This won't be laid out super pretty since I'm on mobile, but it's as the title says. I think it's about time I took my leave from this place. If not permanently, then at least indefinitely.
For as much as I adored my time here, things haven't been the same for a while, and I'm sure some other long-time users might agree. The overall atmosphere of the site has shifted (whether that's a positive or negative shift, I'm not quite sure), and it's become a very lonely place if you're not the most social butterfly. It's increasingly difficult to find au roleplays that I'm interested in (and this is a key factor that determines whether I'll join a space or not) with a committed community dedicated to actually writing and storytelling. Most that I've seen and been in, no matter how much I loved them, usually popped up and then died within weeks. I've had my fair share of beautifully written and thought out threads with people—sometimes multiple—as well as individuals with whom I've never gotten beyond the plotting stage before they up and vanished, and I'm admittedly very tired of it. My enthusiasm for my characters and for storytelling can only burn for so long without proper fuel (that fuel being some semblance of dedication to the story, some reciprocity in said enthusiasm, and actually writing versus leaving the ideas on the stove for too long), before it either runs out on its own or is intentionally snuffed out.
And, truth be told, with everything else going on in my life, I really don't have the same time to regularly commit to writing that I used to. Of course I'll always want to brainstorm and write things, but I can't feasibly keep up with the activity requirements most places have nowadays. It's very difficult, and I'm very burnt out. If I'm to thread with anyone, it'd likely be private and in a space where I can safely take my time in writing adequate responses without feeling rushed or pressured by an invisible deadline.

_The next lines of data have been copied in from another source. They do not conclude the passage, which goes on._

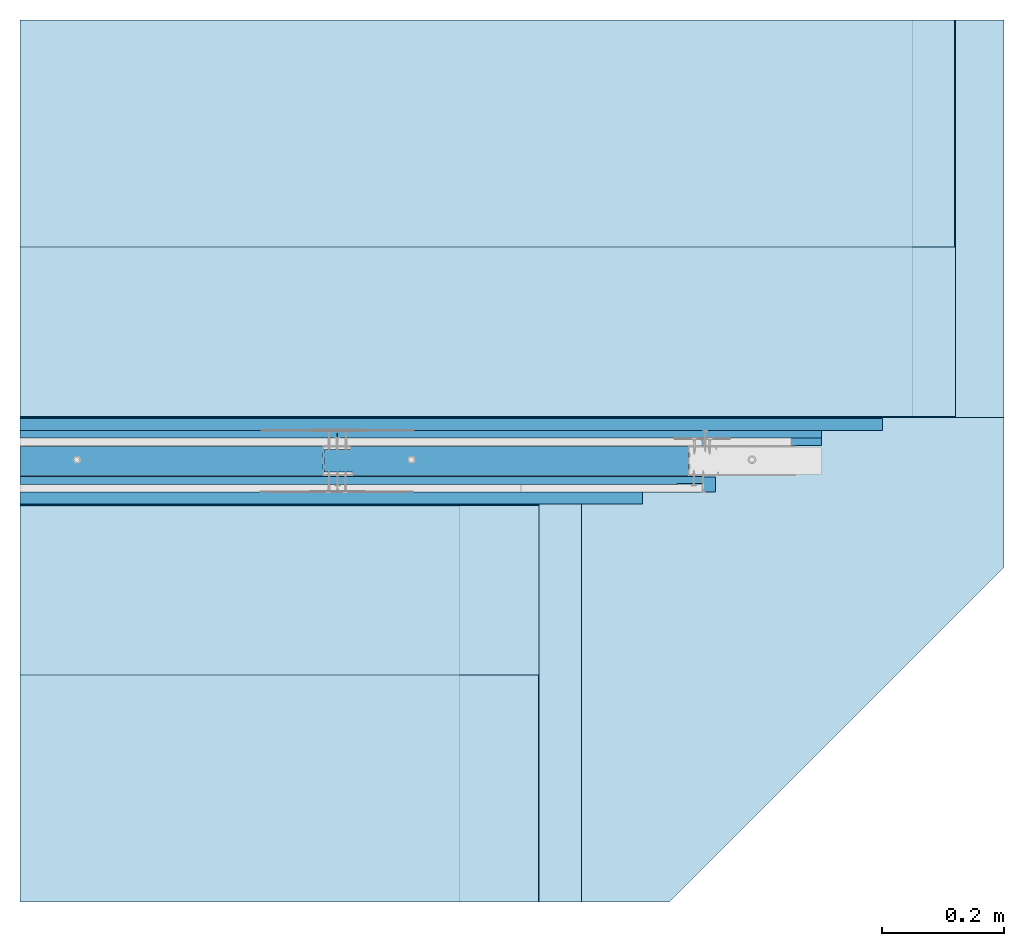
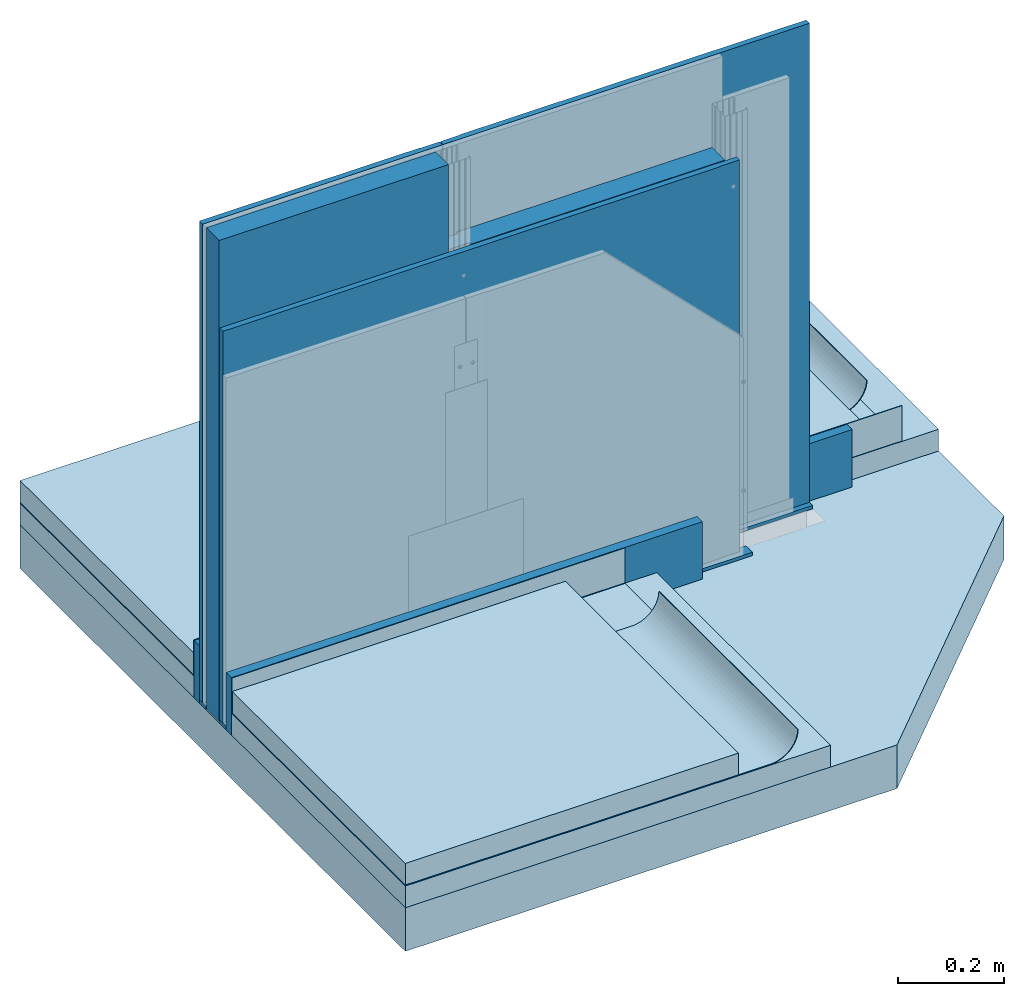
# One storey, part 1 of 37: 11 slabs, 7 walls.
"""IFC2X3 building model written with IfcOpenShell, lengths in millimetres."""

from ifc_helpers import new_model, entity, si_unit, converted_unit, direction, frame, origin, origin_with_axes, place, context, project, spatial, faceted_brep, element, save


model = new_model("IFC2X3")

# Units and contexts
model_context = context("Model", 3, precision=1e-05, world=origin(), true_north=direction((0.0, 1.0, 0.0)))
ifc_project = project(units=[si_unit("LENGTHUNIT", "METRE", prefix="MILLI"), si_unit("AREAUNIT", "SQUARE_METRE"), si_unit("VOLUMEUNIT", "CUBIC_METRE"), converted_unit("PLANEANGLEUNIT", "DEGREE", entity("IfcPlaneAngleMeasure", 0.01745), si_unit("PLANEANGLEUNIT", "RADIAN"), dimensions=[0, 0, 0, 0, 0, 0, 0]), si_unit("SOLIDANGLEUNIT", "STERADIAN"), si_unit("MASSUNIT", "GRAM"), si_unit("TIMEUNIT", "SECOND"), si_unit("THERMODYNAMICTEMPERATUREUNIT", "DEGREE_CELSIUS"), si_unit("LUMINOUSINTENSITYUNIT", "LUMEN")], contexts=[model_context])

# Site, building, storey
site_placement = place(None, origin_with_axes())
site = spatial("IfcSite", under=ifc_project, at=site_placement, Name="Default Site", CompositionType="ELEMENT")
building_placement = place(site_placement, origin_with_axes())
building = spatial("IfcBuilding", under=site, at=building_placement, Name="Default Building", CompositionType="ELEMENT")
storey_placement = place(building_placement, origin_with_axes())
storey = spatial("IfcBuildingStorey", under=building, at=storey_placement, Name="Default Building Storey", CompositionType="ELEMENT", Elevation=0.0)

# Slabs
slab_1_placement = place(storey_placement, frame((3516.951496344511, -1288.142300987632, 6.584025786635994), z_axis=(7.62017609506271e-14, 6.858158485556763e-13, 1.0), x_axis=(1.0, 9.714451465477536e-17, -7.62017609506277e-14)))
element("IfcSlab", 1, at=slab_1_placement, inside=storey, Name="STROP", context=model_context, shape_type="Brep", body=[
    faceted_brep([(226.0891218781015, 3110.283223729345, -4.200000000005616), (-323.9108781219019, 2560.283223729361, -4.200000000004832), (-323.9108781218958, 2560.283223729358, -104.1999999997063), (226.0891218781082, 3110.283223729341, -104.1999999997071), (-1391.926362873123, 2560.283223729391, -104.2000000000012), (-1391.926362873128, 2560.28322372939, -4.200000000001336), (-1391.926362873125, 4010.283223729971, -104.2000000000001), (226.0891218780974, 4010.283223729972, -104.2), (-1391.926362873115, 4010.283223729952, -4.199999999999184), (226.089121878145, 4010.283223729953, -4.200000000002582)], [[[0, 1, 2, 3]], [[4, 2, 1, 5]], [[6, 7, 3, 2, 4]], [[8, 5, 1, 0, 9]], [[0, 3, 7, 9]], [[6, 8, 9, 7]], [[6, 4, 5, 8]]]),
])
slab_2_placement = place(storey_placement, frame((3366.951496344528, -1288.14230098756, 158.5840257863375), z_axis=(7.620176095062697e-14, 6.858158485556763e-13, 1.0), x_axis=(1.0, 9.714451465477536e-17, -7.62017609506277e-14)))
element("IfcSlab", 2, at=slab_2_placement, inside=storey, Name="Wylewka betonowa WEBER", context=model_context, shape_type="Brep", body=[
    faceted_brep([(226.0891218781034, 3358.283223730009, -54.20000000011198), (-1241.926362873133, 3358.283223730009, -54.20000000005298), (-1241.926362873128, 3358.283223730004, -104.1999999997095), (226.0891218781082, 3358.283223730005, -104.1999999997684), (-1241.926362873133, 4010.283223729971, -104.2000000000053), (226.0891218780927, 4010.283223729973, -104.1999999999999), (-1241.926362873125, 4010.283223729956, -54.20000000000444), (226.0891218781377, 4010.283223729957, -54.20000000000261)], [[[0, 1, 2, 3]], [[4, 5, 3, 2]], [[6, 1, 0, 7]], [[0, 3, 5, 7]], [[4, 6, 7, 5]], [[4, 2, 1, 6]]]),
])
slab_3_placement = place(storey_placement, frame((3366.951496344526, -1288.142300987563, 106.5840257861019), z_axis=(7.620176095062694e-14, 6.858158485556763e-13, 1.0), x_axis=(1.0, 9.714451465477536e-17, -7.62017609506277e-14)))
element("IfcSlab", 3, at=slab_3_placement, inside=storey, Name="Wełna mineralna szklana lub skalna ISOVER", context=model_context, shape_type="Brep", body=[
    faceted_brep([(376.0891218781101, 3356.283223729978, -54.20000000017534), (-1241.926362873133, 3356.283223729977, -54.20000000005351), (-1241.926362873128, 3356.283223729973, -104.1999999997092), (376.0891218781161, 3356.283223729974, -104.1999999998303), (-1241.926362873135, 4010.283223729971, -104.2000000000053), (376.0891218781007, 4010.283223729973, -104.2000000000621), (-1241.926362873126, 4010.283223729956, -54.20000000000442), (376.0891218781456, 4010.283223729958, -54.20000000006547)], [[[0, 1, 2, 3]], [[4, 5, 3, 2]], [[6, 1, 0, 7]], [[0, 3, 5, 7]], [[4, 6, 7, 5]], [[4, 2, 1, 6]]]),
])
slab_4_placement = place(storey_placement, frame((2035.135384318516, 2067.140922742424, 112.3840257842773), z_axis=(-3.991906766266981e-16, -1.0, 7.606725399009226e-13), x_axis=(5.468922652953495e-13, -7.606725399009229e-13, -1.0)))
element("IfcSlab", 4, at=slab_4_placement, inside=storey, Name="Dylatacja ISOVER Twist", context=model_context, shape_type="Brep", body=[
    faceted_brep([(109.9999999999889, 89.88974915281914, 8.525771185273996e-15), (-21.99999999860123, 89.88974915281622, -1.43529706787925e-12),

I'll always cherish the friends and memories I made here. You've all truly gotten me through some of the roughest times in my life, and I will always be grateful for that. Maybe I'll return when the clouds in my personal day-to-day finally begin to clear up. For now, though, this'll be goodbye. Thank you all so much for everything, and I hope that life going forward will treat you all with kindness. ♥
By the end of my work day, this account will be deactivated.